Le Monde, 21 novembre 1951 a écrit :LA CRUE DU PO prend les proportions d'une catastrophe nationale
Rome, 20 novembre. - La catastrophe qui s'est abattue sur toutes les régions du bassin du Pô, des hauteurs aux plaines, appartient à la catégorie des drames lents. Cela a commencé par des pluies torrentielles qui ont enflé les fleuves, les rivières et les torrents. L'eau a débordé. Elle a envahi les terres et les maisons, coupant les routes et les voies ferrées. Puis elle s'est précipitée sur les bourgs, sur les villages, sur les villes, noyant les récoltes, les meubles, le bétail. Elle charrie maintenant d s dizaines d'hommes, de femmes et d'enfants.
L'émoi populaire a grossi dans la même proportion que les eaux. Aujourd'hui la nation entière est en deuil. On ne parle pas d'autre chose. On ne s'occupe pas d'autre chose. La radio et les journaux se sont détournés des affaires du monde.
Le nombre des victimes n'est pas connu : il dépasse certainement la centaine. Deux cent mille réfugiés sont dispersés dans la Vénétie, dans l'Emilie, dans la Lombardie et jusqu'à Rome. Les enfants d'un côté, les parents de l'autre.

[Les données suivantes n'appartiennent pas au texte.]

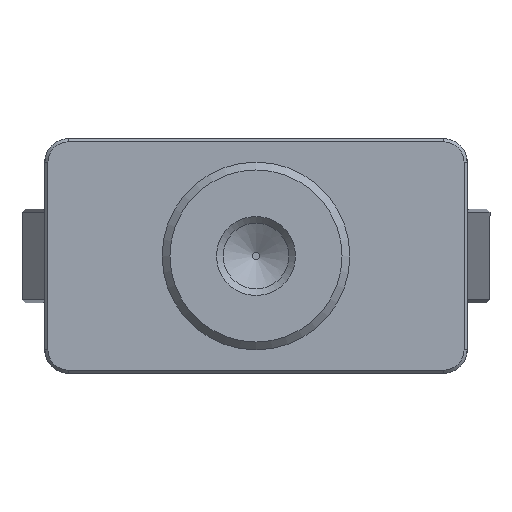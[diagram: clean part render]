
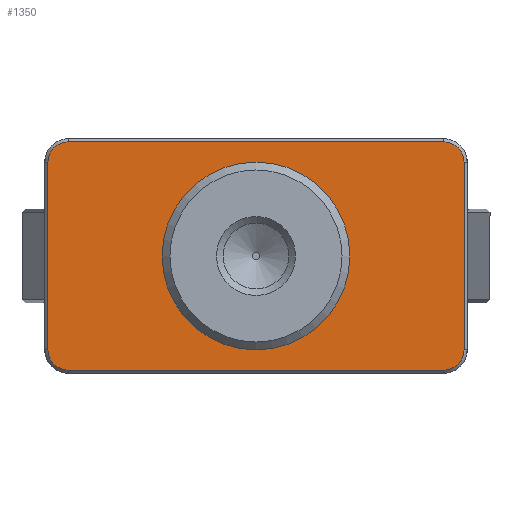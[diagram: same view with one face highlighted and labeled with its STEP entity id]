
A CAD part, front view. The second image highlights one B-rep face of the part: STEP entity #1350.
In plain terms, the highlighted planar face has unit normal (0, -1, 0).
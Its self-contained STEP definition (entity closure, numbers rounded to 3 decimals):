
#237=LINE('',#11149,#619);
#238=LINE('',#11153,#620);
#239=LINE('',#11157,#621);
#240=LINE('',#11161,#622);
#619=VECTOR('',#6653,1.);
#620=VECTOR('',#6656,1.);
#621=VECTOR('',#6659,1.);
#622=VECTOR('',#6662,1.);
#1094=PLANE('',#5700);
#1350=ADVANCED_FACE('',(#1903,#1724),#1094,.T.);
#1724=FACE_BOUND('',#2291,.T.);
#1903=FACE_OUTER_BOUND('',#2290,.T.);
#2290=EDGE_LOOP('',(#3087,#3088,#3089,#3090,#3091,#3092,#3093,#3094));
#2291=EDGE_LOOP('',(#3095));
#3087=ORIENTED_EDGE('',*,*,#4809,.T.);
#3088=ORIENTED_EDGE('',*,*,#4810,.T.);
#3089=ORIENTED_EDGE('',*,*,#4811,.T.);
#3090=ORIENTED_EDGE('',*,*,#4812,.T.);
#3091=ORIENTED_EDGE('',*,*,#4813,.T.);
#3092=ORIENTED_EDGE('',*,*,#4814,.T.);
#3093=ORIENTED_EDGE('',*,*,#4815,.T.);
#3094=ORIENTED_EDGE('',*,*,#4816,.T.);
#3095=ORIENTED_EDGE('',*,*,#4694,.F.);
#4162=VERTEX_POINT('',#10742);
#4254=VERTEX_POINT('',#11147);
#4255=VERTEX_POINT('',#11148);
#4256=VERTEX_POINT('',#11150);
#4257=VERTEX_POINT('',#11152);
#4258=VERTEX_POINT('',#11154);
#4259=VERTEX_POINT('',#11156);
#4260=VERTEX_POINT('',#11158);
#4261=VERTEX_POINT('',#11160);
#4694=EDGE_CURVE('',#4162,#4162,#5281,.T.);
#4809=EDGE_CURVE('',#4254,#4255,#5334,.T.);
#4810=EDGE_CURVE('',#4255,#4256,#237,.T.);
#4811=EDGE_CURVE('',#4256,#4257,#5335,.T.);
#4812=EDGE_CURVE('',#4257,#4258,#238,.T.);
#4813=EDGE_CURVE('',#4258,#4259,#5336,.T.);
#4814=EDGE_CURVE('',#4259,#4260,#239,.T.);
#4815=EDGE_CURVE('',#4260,#4261,#5337,.T.);
#4816=EDGE_CURVE('',#4261,#4254,#240,.T.);
#5281=CIRCLE('',#5609,6.);
#5334=CIRCLE('',#5696,1.3);
#5335=CIRCLE('',#5697,1.3);
#5336=CIRCLE('',#5698,1.3);
#5337=CIRCLE('',#5699,1.3);
#5609=AXIS2_PLACEMENT_3D('',#10741,#6423,#6424);
#5696=AXIS2_PLACEMENT_3D('',#11146,#6651,#6652);
#5697=AXIS2_PLACEMENT_3D('',#11151,#6654,#6655);
#5698=AXIS2_PLACEMENT_3D('',#11155,#6657,#6658);
#5699=AXIS2_PLACEMENT_3D('',#11159,#6660,#6661);
#5700=AXIS2_PLACEMENT_3D('',#11162,#6663,#6664);
#6423=DIRECTION('',(0.,-1.,0.));
#6424=DIRECTION('',(0.,0.,-1.));
#6651=DIRECTION('',(0.,-1.,0.));
#6652=DIRECTION('',(0.,0.,-1.));
#6653=DIRECTION('',(0.,0.,-1.));
#6654=DIRECTION('',(0.,-1.,0.));
#6655=DIRECTION('',(0.,0.,-1.));
#6656=DIRECTION('',(1.,0.,0.));
#6657=DIRECTION('',(0.,-1.,0.));
#6658=DIRECTION('',(0.,0.,-1.));
#6659=DIRECTION('',(0.,0.,1.));
#6660=DIRECTION('',(0.,-1.,0.));
#6661=DIRECTION('',(0.,0.,-1.));
#6662=DIRECTION('',(-1.,0.,0.));
#6663=DIRECTION('',(0.,-1.,0.));
#6664=DIRECTION('',(0.,0.,-1.));
#10741=CARTESIAN_POINT('',(-11.588,-23.942,74.9));
#10742=CARTESIAN_POINT('',(-11.588,-23.942,68.9));
#11146=CARTESIAN_POINT('',(-23.588,-23.942,80.9));
#11147=CARTESIAN_POINT('',(-23.588,-23.942,82.2));
#11148=CARTESIAN_POINT('',(-24.888,-23.942,80.9));
#11149=CARTESIAN_POINT('',(-24.888,-23.942,68.9));
#11150=CARTESIAN_POINT('',(-24.888,-23.942,68.9));
#11151=CARTESIAN_POINT('',(-23.588,-23.942,68.9));
#11152=CARTESIAN_POINT('',(-23.588,-23.942,67.6));
#11153=CARTESIAN_POINT('',(0.412,-23.942,67.6));
#11154=CARTESIAN_POINT('',(0.412,-23.942,67.6));
#11155=CARTESIAN_POINT('',(0.412,-23.942,68.9));
#11156=CARTESIAN_POINT('',(1.712,-23.942,68.9));
#11157=CARTESIAN_POINT('',(1.712,-23.942,80.9));
#11158=CARTESIAN_POINT('',(1.712,-23.942,80.9));
#11159=CARTESIAN_POINT('',(0.412,-23.942,80.9));
#11160=CARTESIAN_POINT('',(0.412,-23.942,82.2));
#11161=CARTESIAN_POINT('',(0.912,-23.942,82.2));
#11162=CARTESIAN_POINT('',(0.912,-23.942,82.4));
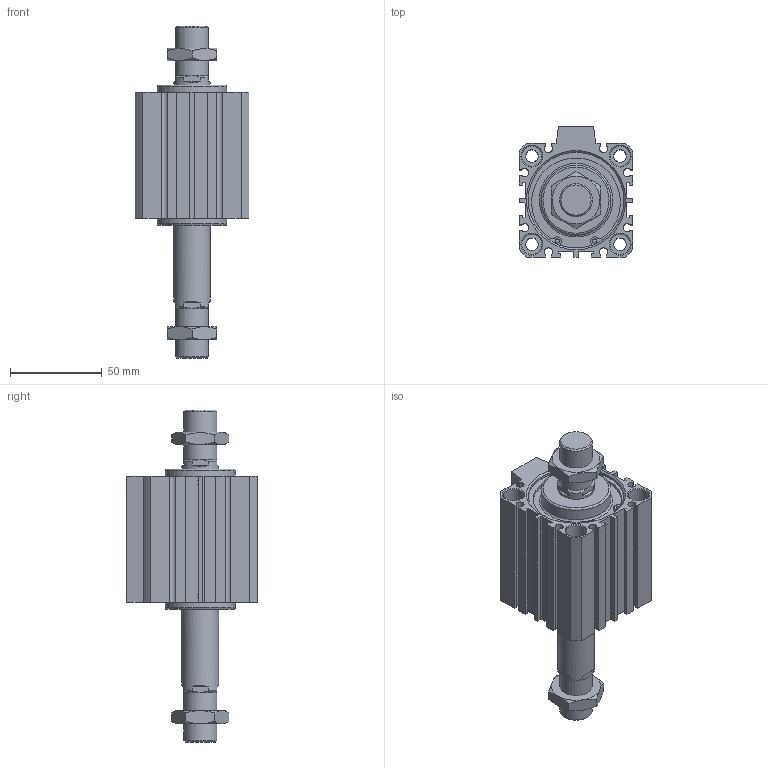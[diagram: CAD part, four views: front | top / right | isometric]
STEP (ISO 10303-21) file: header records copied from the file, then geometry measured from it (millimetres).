
FILE_DESCRIPTION((''),'2;1');
FILE_NAME('I:\3D電子目錄\氣缸\JDD\JDD-B\JDD50-B\JDD50x40-B.stp','2007-02-09T17:08:45',('662F206'),(''),'Autodesk Inventor 10','Autodesk Inventor 10','');
FILE_SCHEMA(('AUTOMOTIVE_DESIGN { 1 0 10303 214 1 1 1 1 }'));
Length unit declared in the file: millimetre
Products named in the file (3): JDD50-B; R 形環 52
Assembly tree (3 placements, depth 2):
  JDD50-B
    JDD50-B
    R 形環 52  x2
Bounding box: 62 x 71 x 180.6 mm (x, y, z)
Volume: 272351.8 mm3; surface area: 57139.4 mm2
Topology: 3 solids, 3 shells, 231 faces, 561 edges, 362 vertices
Faces by surface type: plane 133, cylinder 56, cone 38, bspline 2, torus 2
Full cylindrical faces by diameter (mm): 2.3 x4, 2.7 x2, 6.8 x4, 11 x8, 18 x4, 20 x2, 38 x2, 52 x4, 55 x2
Entity records: 6180 total; most frequent: CARTESIAN_POINT 1222, DIRECTION 1017, ORIENTED_EDGE 942, EDGE_CURVE 471, AXIS2_PLACEMENT_3D 375, VERTEX_POINT 334, EDGE_LOOP 309, VECTOR 267

Et le montant des dégâts matériels ? 15, 20, 30 milliards de lires ? Qu'importe la somme ! Il s'agit pour l'heure de vies et de douleurs humaines. Pour l'heure, oui. Demain...
Solidarité nationale et entraide mondiale
Le désastre s'illumine d'admirables exemples de solidarité, de courage et de détails tragiques. Un camion transportant quarante et un passagers évacués avait été balayé par une vaque soudaine devant Rovigo. On n'a pu repêcher que sept survivants. Un huitième a reparu, comme un fantôme, deux jours plus tard aux yeux de sa femme. Il avait été sauvé après avoir passé trente-six heures accroché à une branche d'arbre. Des isolés, rassemblés sur des tertres ou sur des toits réclament des secours en étalant des draps, en allumant des feux d'alarme, en tirant des coups de fusil.
Trois hélicoptères sont en service. Des avions et des hydravions Jettent des paquets de vivres et de vêtements sur les agglomérations sinistrées : Adria, Cavarzere, Loreo, Donada, Contarna, pour ne citer que les principales. Des hommes sont parachutés pour les soins médicaux...
Les observations éclairées et éclairantes du révolutionnaire marxiste Bordiga :
https://www.marxists.org/francais/bordi ... 511208.htm
dont sa conclusion d'un solide optimisme de communiste :
...Le fleuve immense de l’histoire humaine a lui aussi ses crues irrésistibles et menaçantes. Lorsque le flot s’élève, il mugit entre les deux digues qui l’enserrent. À droite, c’est la digue conformiste, pour la conservation des formes existantes et traditionnelles - un passage continu de prêtres psalmodiant en procession, de flics et de gendarmes en patrouille, de maîtres d’école et de charlatans débitant les mensonges officiels et la scolastique de classe.
À gauche, la digue réformiste : s’y entassent les hommes dévoués au peuple, les professionnels de l’opportunisme, les parlementaires et les chefs des organisations progressistes. Échangeant des injures de part et d’autre du courant, les deux cortèges prétendent posséder la recette pour faire en sorte que le fleuve puissant continue son cours réprimé et forcé.
Mais au grand tournant de l’histoire, le courant brise toutes les entraves, sort de son lit et « saute », comme le Pô à Guastalla et au Volano, dans une direction inattendue, emportant les deux bandes sordides dans la vague irrésistible de la révolution, renversant les digues anciennes de toute sorte, et donnant à la société comme à la terre une face nouvelle.